Written by jeff on . Posted in Fixes No Comments

Problem: Every time I open Audacity in the student (non-admin) user account, I get this message: “Program Name” is an application which was downloaded from the Internet. Are you sure you want to open it? This is a security feature so that you think twice before opening an application downloaded from the internet for the first time.  Normally the message goes away, but in a non-admin account, it will come back again and again.


Solution: Short answer….Remove extended attributes.

Helpful info from Frank van Meurs (scroll down to the longest post)

More helpful stuff from this post as well.

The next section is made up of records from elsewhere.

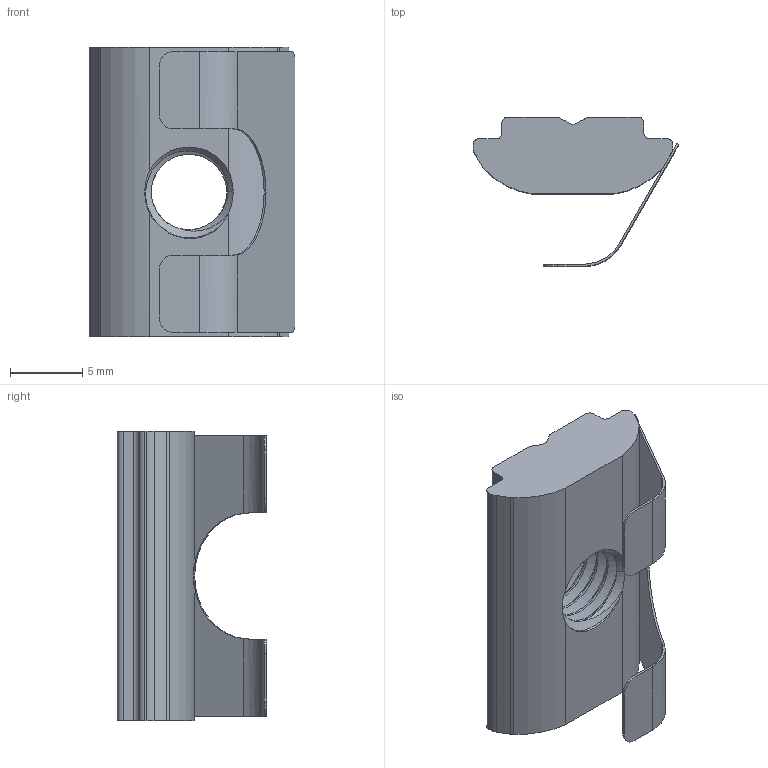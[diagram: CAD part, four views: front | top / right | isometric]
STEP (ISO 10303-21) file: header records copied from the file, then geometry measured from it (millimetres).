
FILE_DESCRIPTION (( 'STEP AP203' ), '1' );
FILE_NAME ('3308.010.003.STEP', '2023-05-24T06:31:02', ( '' ), ( '' ), 'SwSTEP 2.0', 'SolidWorks 2022', '' );
FILE_SCHEMA (( 'CONFIG_CONTROL_DESIGN' ));
Length unit declared in the file: millimetre
Products named in the file (3): 3308-M6; 3308.010.003; 3308粟え
Assembly tree (2 placements, depth 2):
  3308.010.003
    3308粟え
    3308-M6
Bounding box: 14.22 x 10.3 x 20 mm (x, y, z)
Volume: 1065.5 mm3; surface area: 1285 mm2
Topology: 2 solids, 2 shells, 78 faces, 227 edges, 151 vertices
Faces by surface type: cylinder 35, plane 31, cone 7, bspline 5
Entity records: 5534 total; most frequent: CARTESIAN_POINT 3276, ORIENTED_EDGE 454, DIRECTION 378, EDGE_CURVE 227, VERTEX_POINT 151, AXIS2_PLACEMENT_3D 134, VECTOR 110, LINE 110
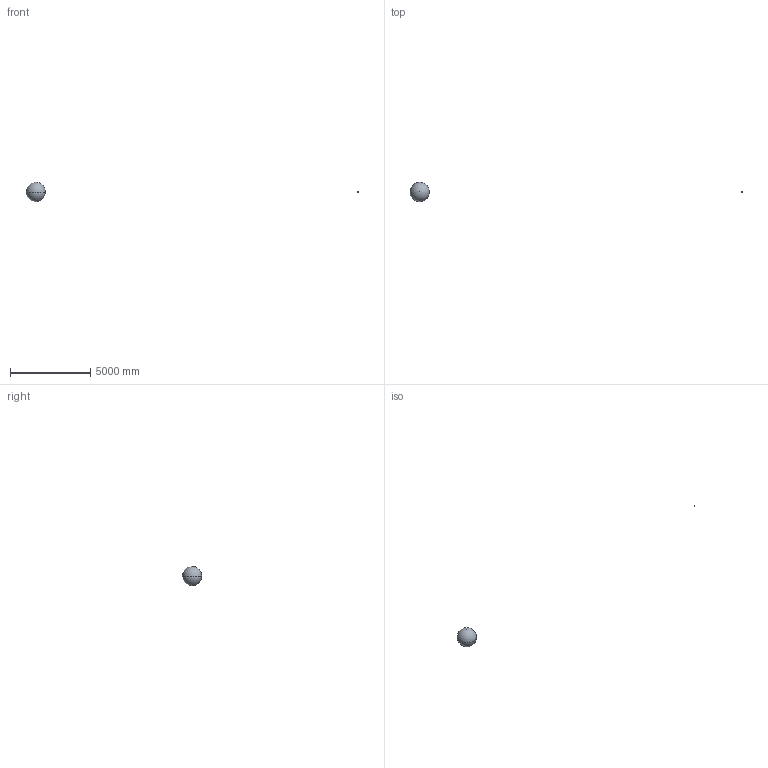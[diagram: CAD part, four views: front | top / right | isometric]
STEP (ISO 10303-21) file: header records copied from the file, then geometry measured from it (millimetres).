
FILE_DESCRIPTION (( 'STEP AP203' ), '1' );
FILE_NAME ('etoile1_Défaut_sldprt.STEP', '2018-04-06T14:29:00', ( '' ), ( '' ), 'SwSTEP 2.0', 'SolidWorks 2013', '' );
FILE_SCHEMA (( 'CONFIG_CONTROL_DESIGN' ));
Length unit declared in the file: millimetre
Products named in the file (1): etoile1_Défaut_sldprt
Bounding box: 20625 x 1200 x 1200 mm (x, y, z)
Volume: 904870922.7 mm3; surface area: 4546669.9 mm2
Topology: 1 solids, 1 shells, 8 faces, 26 edges, 17 vertices
Faces by surface type: cylinder 4, sphere 3, plane 1
Entity records: 350 total; most frequent: CARTESIAN_POINT 74, DIRECTION 48, ORIENTED_EDGE 38, AXIS2_PLACEMENT_3D 22, EDGE_CURVE 19, CIRCLE 13, VERTEX_POINT 13, PERSON_AND_ORGANIZATION 8
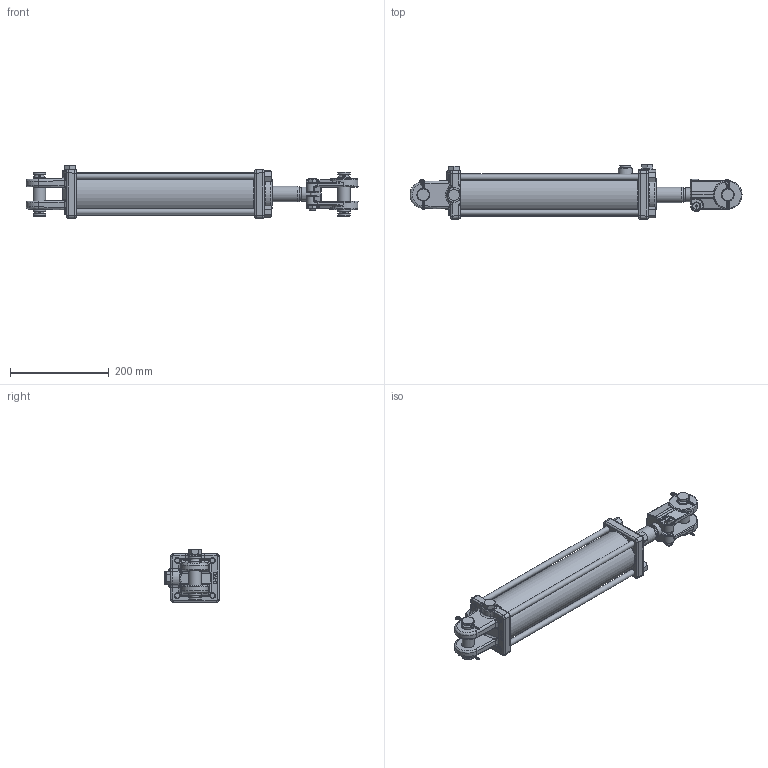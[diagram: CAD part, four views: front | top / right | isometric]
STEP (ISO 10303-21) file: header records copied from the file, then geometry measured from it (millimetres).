
FILE_DESCRIPTION((''),'2;1');
FILE_NAME('C:\Vault\Workspace\Vest\PMS-AM-2576.stp','2010-09-29T11:47:27',('kneifld'),(''),'Autodesk Inventor 2010','Autodesk Inventor 2010','');
FILE_SCHEMA(('AUTOMOTIVE_DESIGN { 1 0 10303 214 1 1 1 1 }'));
Length unit declared in the file: inch
Products named in the file (29): PMS-AM-2576; 061500535; 051500581; 200300181V; 1415005SFV; 010600379; 100000423V; 100000422V; 170002104V; 220000203V; 071500397V; 220000209V; 190400001V; 220001504V; 240011095V; 240064300V; 240000026V; 240061232V; 240000232V; 081500337V; 081500338V; 210600293V; 250014125V; 240020184V; 170201163; 800005001_16.375; 220000105V; 200300040V; 200300104V
Assembly tree (39 placements, depth 3):
  PMS-AM-2576
    061500535
      051500581
      200300181V
    1415005SFV
    010600379
    100000423V
      100000422V
      170002104V
      220000203V
    071500397V
    220000209V
    190400001V  x2
    220001504V  x4
    240011095V
    240064300V
    240000026V
    240061232V  x2
    240000232V  x2
    081500337V
      081500338V
      210600293V
    250014125V
    240020184V
    170201163  x4
      800005001_16.375
      220000105V
    200300040V  x3
    200300104V
Bounding box: 671.4 x 110.29 x 106.98 mm (x, y, z)
Volume: 1955721.4 mm3; surface area: 527564.4 mm2
Topology: 38 solids, 38 shells, 1137 faces, 2648 edges, 1599 vertices
Faces by surface type: plane 351, bspline 320, cylinder 255, cone 163, torus 31, sphere 17
Full cylindrical faces by diameter (mm): 1.575 x1, 2.769 x1, 5.159 x4, 9.493 x1, 10.319 x2, 11.43 x4, 16.764 x3, 19.05 x4, 22.174 x1, 22.301 x1, 22.352 x1, 25.4 x6, 25.781 x4, 25.806 x1, 28.372 x1, 28.575 x1, 31.725 x2, 31.75 x2, 32.004 x1, 32.702 x1, 33.376 x1, 34.188 x1, 34.798 x1, 35.707 x1, 35.719 x1, 37.948 x1, 38.964 x1, 40.323 x1, 40.488 x1, 41.173 x1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
Entity records: 33159 total; most frequent: CARTESIAN_POINT 13055, ORIENTED_EDGE 3972, DIRECTION 3701, EDGE_CURVE 1986, AXIS2_PLACEMENT_3D 1507, VERTEX_POINT 1289, EDGE_LOOP 1193, FACE_OUTER_BOUND 934
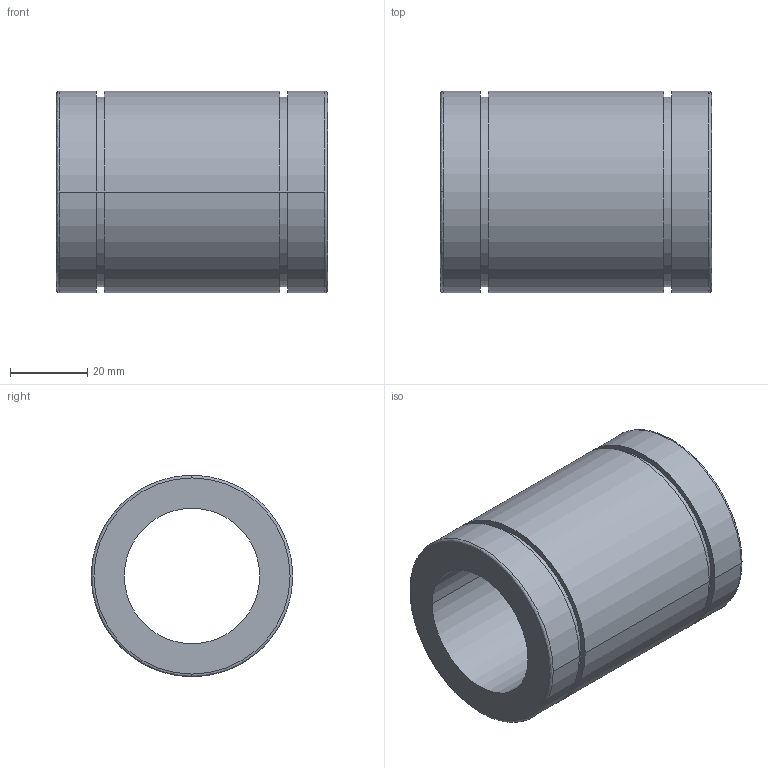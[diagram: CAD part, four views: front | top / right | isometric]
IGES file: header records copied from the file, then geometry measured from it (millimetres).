
Start section: 3D InterOp IGES (Version 21 0 1), Spatial Corp. Copyright (c) 1999-2007.
Global section: file name: N-35UU.igs; native system: Spatial Corp.; preprocessor: 3D InterOp GENERIC/IGES 3.0; author: Noname; organization: Noname; date: 20220311.144853; units: millimetre
Bounding box: 70 x 52 x 52 mm (x, y, z)
Surface area: 22269.2 mm2 (no closed solid volume)
Topology: 0 solids, 0 shells, 22 faces, 100 edges, 100 vertices
Faces by surface type: revolution 16, extrusion 6
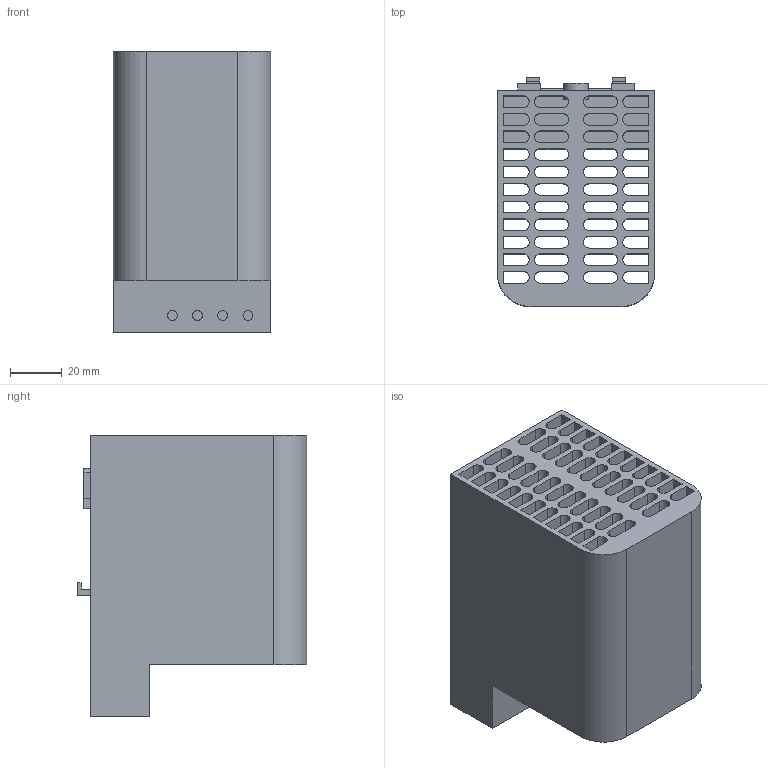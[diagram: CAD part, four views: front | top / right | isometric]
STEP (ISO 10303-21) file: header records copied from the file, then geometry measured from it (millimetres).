
FILE_DESCRIPTION (( 'STEP AP203' ), '1' );
FILE_NAME ('25925.STEP', '2012-05-16T19:31:16', ( 'User' ), ( 'Pentair Inc' ), 'SwSTEP 2.0', 'SolidWorks 2010', '' );
FILE_SCHEMA (( 'CONFIG_CONTROL_DESIGN' ));
Length unit declared in the file: inch
Products named in the file (2): 25925; 89088453
Assembly tree (1 placements, depth 2):
  25925
    89088453
Bounding box: 60.96 x 88.9 x 109.22 mm (x, y, z)
Volume: 279896.6 mm3; surface area: 152329.8 mm2
Topology: 1 solids, 1 shells, 361 faces, 987 edges, 652 vertices
Faces by surface type: plane 227, cylinder 125, bspline 9
Entity records: 11897 total; most frequent: CARTESIAN_POINT 2191, ORIENTED_EDGE 1974, DIRECTION 1968, EDGE_CURVE 987, LINE 702, VECTOR 702, VERTEX_POINT 652, AXIS2_PLACEMENT_3D 633

In admin account, using terminal

  1. Go to offending directory >  cd /Applications/Audacity/
  2. List directory contents in long format and with invisible files > ls -al
  3. Notice the (@) at symbol.  This shows that the file or directory has extended attributes.
  4. List the extended attributes in long format> xattr -l <filename or directory name>
  5. Delete attribute> xattr -d <attribute> <filename or directory name>
  6. Confirm deleted attribute.

help for xattr> xattr -h

usage: xattr [-l] file [file ...]
xattr -p [-l] attr_name file [file ...]
xattr -w attr_name attr_value file [file ...]
xattr -d attr_name file [file ...]

The first form lists the names of all xattrs on the given file(s).
The second form (-p) prints the value of the xattr attr_name.
The third form (-w) sets the value of the xattr attr_name to attr_value.
The fourth form (-d) deletes the xattr attr_name.